Ora, para um Governo que tem dificuldade em aceitar que nada contribuiu para melhorar a redistribuição de renda no País e, ainda, que pleiteia sua continuidade por meio da candidatura do Senador José Serra à presidência da República, tal notícia não poderia ser mais incômoda. Mais ainda: desnuda verdades que tanto faz questão de esconder do povo brasileiro.

Sr. Presidente, é duro ver que, em um País como o Brasil, o sistema financeiro continua a atuar como uma gigantesca sanguessuga a sorver a minguada poupança nacional e a fabricar lucros estratosféricos apenas com a manipulação do dinheiro. Em números, isso quer dizer, por exemplo, que, em 1994, primeiro ano da chamada estabilização monetária, os dez maiores bancos privados lucraram juntos 3 bilhões de reais, em valores atualizados. Em 2001, o lucro desse mesmo grupo foi de 8,4 bilhões, traduzindo o nada módico crescimento de 180%.

O lucro líquido consolidado dos dez maiores bancos foi de 41 bilhões no período de 8 anos de existência do Plano Real. Estranhamente, o imposto de renda que eles têm pago, calculado em valores atualizados, diminuiu no mesmo período, passando de 2,6 bilhões, em 1994, para 1,29 bilhões, em 2001.

Gostaria de poupar meus nobres Pares e os que nos assistem pela televisão e pelo rádio de um tecnicismo enfadonho.

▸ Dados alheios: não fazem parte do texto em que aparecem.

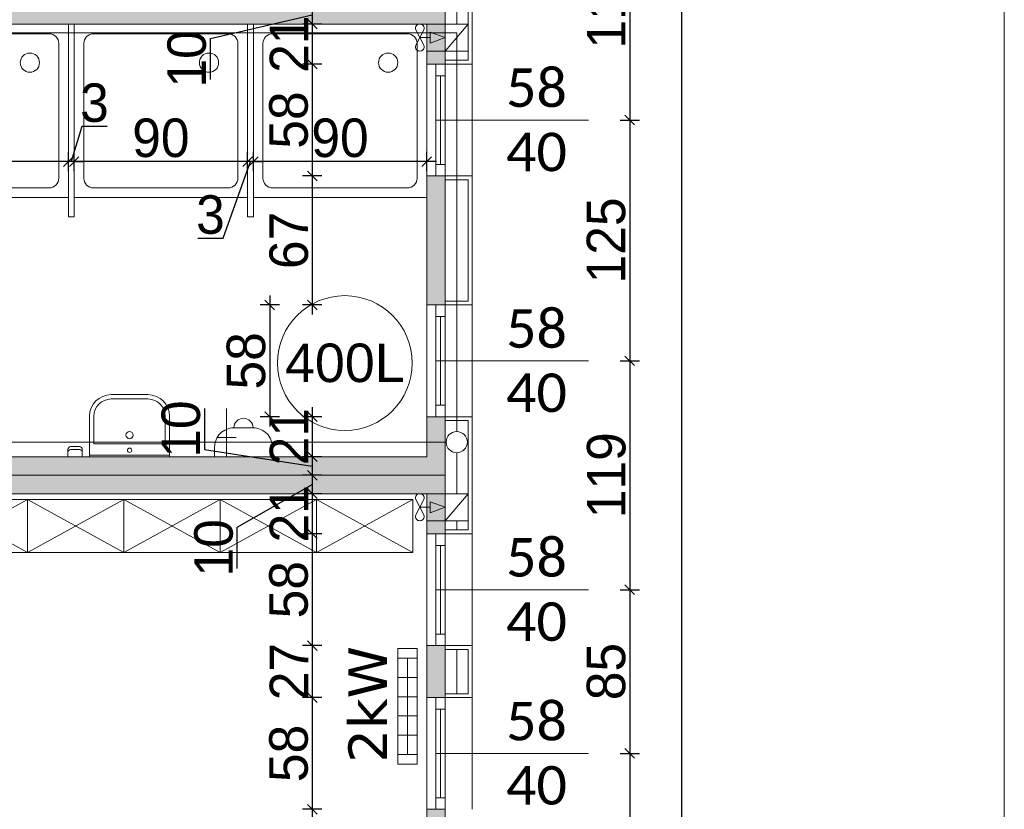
# Model space of a CAD drawing. Header units: millimetres. Extents: x 1962 to 3194, y -795 to -219.
# Tile 155 of 256: x 2525.5 to 2530.61, y -536.13 to -532.03. Entities that reach past the tile are written whole.
import ezdxf

# ---------------------------------------------------------------- set-up
doc = ezdxf.new("R2010")
doc.units = ezdxf.units.MM
doc.layers.get('0').update_dxf_attribs({"lineweight": 5})
doc.layers.get('Defpoints').update_dxf_attribs({"lineweight": 9})
for name, color, linetype, lineweight in [('A_hatch nawierzchnia', 253, 'Continuous', 9), ('A_obiekty kontenery', 152, 'Continuous', 9), ('A_obiekty kontenery elewacja', 62, 'Continuous', 9), ('A_obiekty kontenery izolacja', 213, 'BATTING', 9), ('A_obiekty kontenery opisy', 142, 'Continuous', 9), ('A_wymiary detale', 82, 'Continuous', 9), ('A_wyposażenie armatura sanitarna', 132, 'Continuous', 9), ('A_wyposażenie grzejniki elektr.', 22, 'Continuous', 9), ('A_wyposażenie kanalizacja', 32, 'Continuous', 9), ('A_wyposażenie meble', 123, 'Continuous', 9), ('A_wyposażenie przegrody wew.', 143, 'Continuous', 9), ('A_wyposażenie stolarka', 16, 'Continuous', 9), ('A_wyposażenie wentylacja i klimatyzacja', 95, 'Continuous', 9), ('A_wyposażenie zbiorniki', 77, 'Continuous', 9)]:
    doc.layers.add(name, color=color, linetype=linetype, lineweight=lineweight)
doc.styles.get("Standard").update_dxf_attribs({"font": 'arial.ttf'})
doc.styles.add('wymiary pzt', font='txt')
doc.linetypes.add('BATTING', pattern='A,0.00254,-2.54,[134,ltypeshp.shx,S=2.54,R=0,X=-2.54,Y=0],-5.08,[134,ltypeshp.shx,S=2.54,R=180,X=2.54,Y=0],-2.54', length=10.16254)
doc.dimstyles.new('wymiary detale', dxfattribs={"dimtxt": 0.2, "dimasz": 0.05, "dimexe": 0.05, "dimexo": 0, "dimgap": 0.02, "dimtad": 1, "dimdec": 0, "dimlfac": 100, "dimzin": 0, "dimtxsty": 'wymiary pzt', "dimblk": 'OBLIQUE', "dimcen": 0.1, "dimdle": 0.05, "dimadec": 1, "dimazin": 0, "dimtfac": 1, "dimtmove": 0, "dimatfit": 3, "dimfxl": 0, "dimarcsym": 0})

# ---------------------------------------------------------------- blocks, each defined once
blk = doc.blocks.new('zw$1FD4')
at = {"layer": 'A_wyposażenie stolarka'}
blk.add_line((0.024, 0.06), (0.024, 0.52), dxfattribs=at)
for points in [[(0, 0.58), (0.048, 0.58), (0.048, 0), (0, 0)], [(0, 0.58), (0.048, 0.58), (0.048, 0.52), (0, 0.52)], [(0, 0), (0.048, 0), (0.048, 0.06), (0, 0.06)]]:
    blk.add_lwpolyline(points, close=True, dxfattribs=at)
blk = doc.blocks.new('zw$281D')
at = {"layer": 'A_wyposażenie armatura sanitarna'}
for p, q in [((-0.3203, -0.0375), (-0.3203, 0)), ((-0.3203, 0), (-0.2453, 0)), ((-0.2453, -0.0375), (-0.2453, 0)), ((0.2078, 0), (-0.2078, 0)), ((-0.2078, -0.21), (-0.2078, 0)), ((0.2078, -0.21), (0.2078, 0)), ((-0.3053, -0.0375), (-0.2603, -0.0375)), ((0.2078, -0.0075), (-0.2078, -0.0075)), ((-0.3053, -0.0525), (-0.2603, -0.0525)), ((0.1853, -0.0675), (-0.1853, -0.0675)), ((-0.1853, -0.21), (-0.1853, -0.0675)), ((0.1853, -0.21), (0.1853, -0.0675)), ((0.0953, -0.3), (-0.0953, -0.3)), ((0.0953, -0.3225), (-0.0953, -0.3225))]:
    blk.add_line(p, q, dxfattribs=at)
for centre, radius in [((0, -0.0338), 0.0112), ((0, -0.1125), 0.0188)]:
    blk.add_circle(centre, radius, dxfattribs=at)
for centre, radius, start, end in [((-0.3053, -0.0225), 0.015, 180, 270), ((-0.3053, -0.0375), 0.015, 180, 270), ((-0.2603, -0.0225), 0.015, 270, 0), ((-0.2603, -0.0375), 0.015, 270, 0), ((-0.0953, -0.21), 0.1125, 180, 270), ((-0.0953, -0.21), 0.09, 180, 270), ((0.0953, -0.21), 0.1125, 270, 0), ((0.0953, -0.21), 0.09, 270, 0)]:
    blk.add_arc(centre, radius, start, end, dxfattribs=at)
blk = doc.blocks.new('zw$496D')
at = {"layer": 'A_wyposażenie armatura sanitarna'}
blk.add_lwpolyline([(0, -0.9), (0.9, -0.9), (0.9, 0), (0, 0)], close=True, dxfattribs=at)
blk.add_lwpolyline([(0.1, -0.85), (0.8, -0.85, 0.414214), (0.85, -0.8), (0.85, -0.1, 0.414214), (0.8, -0.05), (0.1, -0.05, 0.414214), (0.05, -0.1), (0.05, -0.8, 0.414214)], format="xyb", close=True, dxfattribs=at)
blk.add_circle((0.2, -0.2), 0.05, dxfattribs=at)
blk = doc.blocks.new('zw$9861')
at = {"layer": 'A_wyposażenie grzejniki elektr.'}
for p, q in [((-0.1, 0.25), (0, 0.25)), ((-0.05, 0.25), (-0.05, -0.25)), ((-0.1, 0.15), (0, 0.15)), ((-0.1, 0.05), (0, 0.05)), ((-0.1, -0.05), (0, -0.05)), ((-0.1, -0.15), (0, -0.15)), ((-0.1, -0.25), (0, -0.25))]:
    blk.add_line(p, q, dxfattribs=at)
blk.add_lwpolyline([(-0.1, -0.3), (0, -0.3), (0, 0.3), (-0.1, 0.3)], close=True, dxfattribs=at)
at = {"layer": 'A_wyposażenie grzejniki elektr.', "insert": (-0.2565, 0.01), "char_height": 0.2, "width": 0.872235, "attachment_point": 5, "rotation": 90, "style": 'wymiary pzt'}
blk.add_mtext('{\\fVerdana|b0|i0|c238|p34;2kW}', dxfattribs=at)
blk = doc.blocks.new('zw$184B')
at = {"layer": 'A_wyposażenie armatura sanitarna'}
blk.add_lwpolyline([(-0.05, -0.15), (0.05, -0.15, 0.414214), (0.15, -0.05), (0.15, 0), (-0.15, 0), (-0.15, -0.05, 0.414214)], format="xyb", close=True, dxfattribs=at)
blk.add_arc((0, -0.15), 0.05, 180, 0, dxfattribs=at)
blk = doc.blocks.new('zw$9365')
at = {"layer": 'A_wyposażenie wentylacja i klimatyzacja'}
h = blk.add_hatch(color=256, dxfattribs=at)
h.dxf.hatch_style = 1
h.paths.add_polyline_path([(0.0187, -0.0417), (0.0187, -0.07), (0.0187, -0.0983), (0.096, -0.07)])
for p, q in [((0.096, 0), (0.096, -0.14)), ((0.216, 0), (0.096, -0.14)), ((-0.036, -0.07), (-0.0566, -0.0305)), ((-0.036, -0.07), (-0.0154, -0.0305)), ((-0.036, -0.07), (-0.0566, -0.1095)), ((-0.036, -0.07), (0.0187, -0.07)), ((-0.036, -0.07), (-0.0154, -0.1095))]:
    blk.add_line(p, q, dxfattribs=at)
blk.add_lwpolyline([(0.216, 0), (0.216, -0.14), (0, -0.14), (0, 0)], close=True, dxfattribs=at)
for points in [[(0.096, -0.07), (0.0187, -0.0417), (0.0187, -0.07)], [(0.096, -0.07), (0.0187, -0.0983), (0.0187, -0.07)]]:
    blk.add_lwpolyline(points, dxfattribs=at)
for centre, radius, start, end in [((-0.036, -0.024), 0.024, 43.8139, 136.1861), ((-0.0389, -0.0212), 0.02, 136.1861, 207.5528), ((-0.0331, -0.0212), 0.02, 332.4472, 43.8139), ((-0.0389, -0.1188), 0.02, 152.4472, 223.8139), ((-0.036, -0.116), 0.024, 223.8139, 316.1861), ((-0.0331, -0.1188), 0.02, 316.1861, 27.5528)]:
    blk.add_arc(centre, radius, start, end, dxfattribs=at)
blk = doc.blocks.new('zw$D077')
at = {"layer": 'A_hatch nawierzchnia'}
blk.add_line((0, 0.275), (-0.5, 0.275), dxfattribs=at)
at = {"layer": 'A_wyposażenie meble'}
for p, q in [((-0.5, 0.275), (0, 0)), ((0, 0.275), (-0.5, 0))]:
    blk.add_line(p, q, dxfattribs=at)
blk.add_lwpolyline([(-0.5, 0), (0, 0), (0, 0.275), (-0.5, 0.275)], close=True, dxfattribs=at)
blk = doc.blocks.new('_Oblique')
at = {"color": 0, "linetype": 'ByBlock', "lineweight": -2}
blk.add_line((-0.5, -0.5), (0.5, 0.5), dxfattribs=at)
blk = doc.blocks.new('*D1332')
at = {"layer": 'A_obiekty kontenery opisy', "color": 0, "lineweight": -2}
for p, q in [((2.7624, 0.1), (2.7624, -27.198)), ((2.6624, 0), (2.8624, 0)), ((2.6624, -27.098), (2.8624, -27.098))]:
    blk.add_line(p, q, dxfattribs=at)
at = {"layer": 'Defpoints', "color": 0}
for p in [(0, 0), (0, -27.098), (2.7624, -27.098)]:
    blk.add_point(p, dxfattribs=at)
at = {"layer": 'A_obiekty kontenery opisy', "color": 0, "lineweight": -2, "xscale": 0.1, "yscale": 0.1, "zscale": 0.1}
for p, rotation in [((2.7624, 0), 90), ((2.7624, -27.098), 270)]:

O assunto, todavia, é sério e deve ser tratado com a exata medida da relevância que tem para o nosso equilíbrio social e desenvolvimento econômico.

O primeiro indicador de que o sistema funciona mal para os cidadãos e excessivamente bem para os bancos é o fato de que a Receita Federal teve um aumento de arrecadação de 42,73% acima da inflação no período 1994-2001. Nesse período, a Receita conseguiu um crescimento da participação do setor financeiro de apenas 11,77%, enquanto das pessoas físicas arrecadou a mais 53,6%.

Eis, Srªs e Srs. Senadores, uma demonstração cabal de como é fácil para o Governo pegar os desprotegidos contribuintes individuais e pouco cômodo arrecadar junto das empresas do setor financeiro. Ou seja, as pessoas jurídicas têm sempre meios de contornar as regras de imposição, atitude impossível para os contribuintes assalariados, cuja renda, transparente nos contracheques de cada mês, não pode ser maquiada e, portanto, subtraída ao controle do fisco. Assim, fica sempre a tentação simplista de aumentar a tributação das pessoas físicas em vez de apertar o cerco às pessoas jurídicas - e aqui refiro-me especialmente às instituições financeiras no sentido de que dêem uma maior contribuição à sociedade.

Outro detalhe assaz estarrecedor é que os bancos estrangeiros que aqui operam conseguiram, em 2001, fazer render cada dólar aplicado no Brasil 50% mais do que no resto do mundo. A rentabilidade sobre o patrimônio líquido dessas instituições, que dá a medida exata de quanto os bancos lucram, foi 24% maior no Brasil do que no exterior. Ou seja, nosso País é um paraíso para se ganhar dinheiro com dinheiro, mesmo que ele não seja seu. Isso parece mais negócio de agiota do que legítimas transações de transferência de capital entre emprestadores e tomadores.

Na verdade, os bancos ganham no exterior com o volume de operações de empréstimo, ou seja, emprestam muito para poderem lucrar - o capital deve girar muito para se rentabilizar. No Brasil, os bancos lucram com o famoso spread, isto é, a diferença entre o que pagam para captar os recursos e o que cobram quando emprestam esses recursos. Ou seja, emprestam para poucos a juros altos, principalmente quando entre eles está o Governo; é muito mais lucrativo e dá menos trabalho do que socializar o acesso ao financiamento produtivo.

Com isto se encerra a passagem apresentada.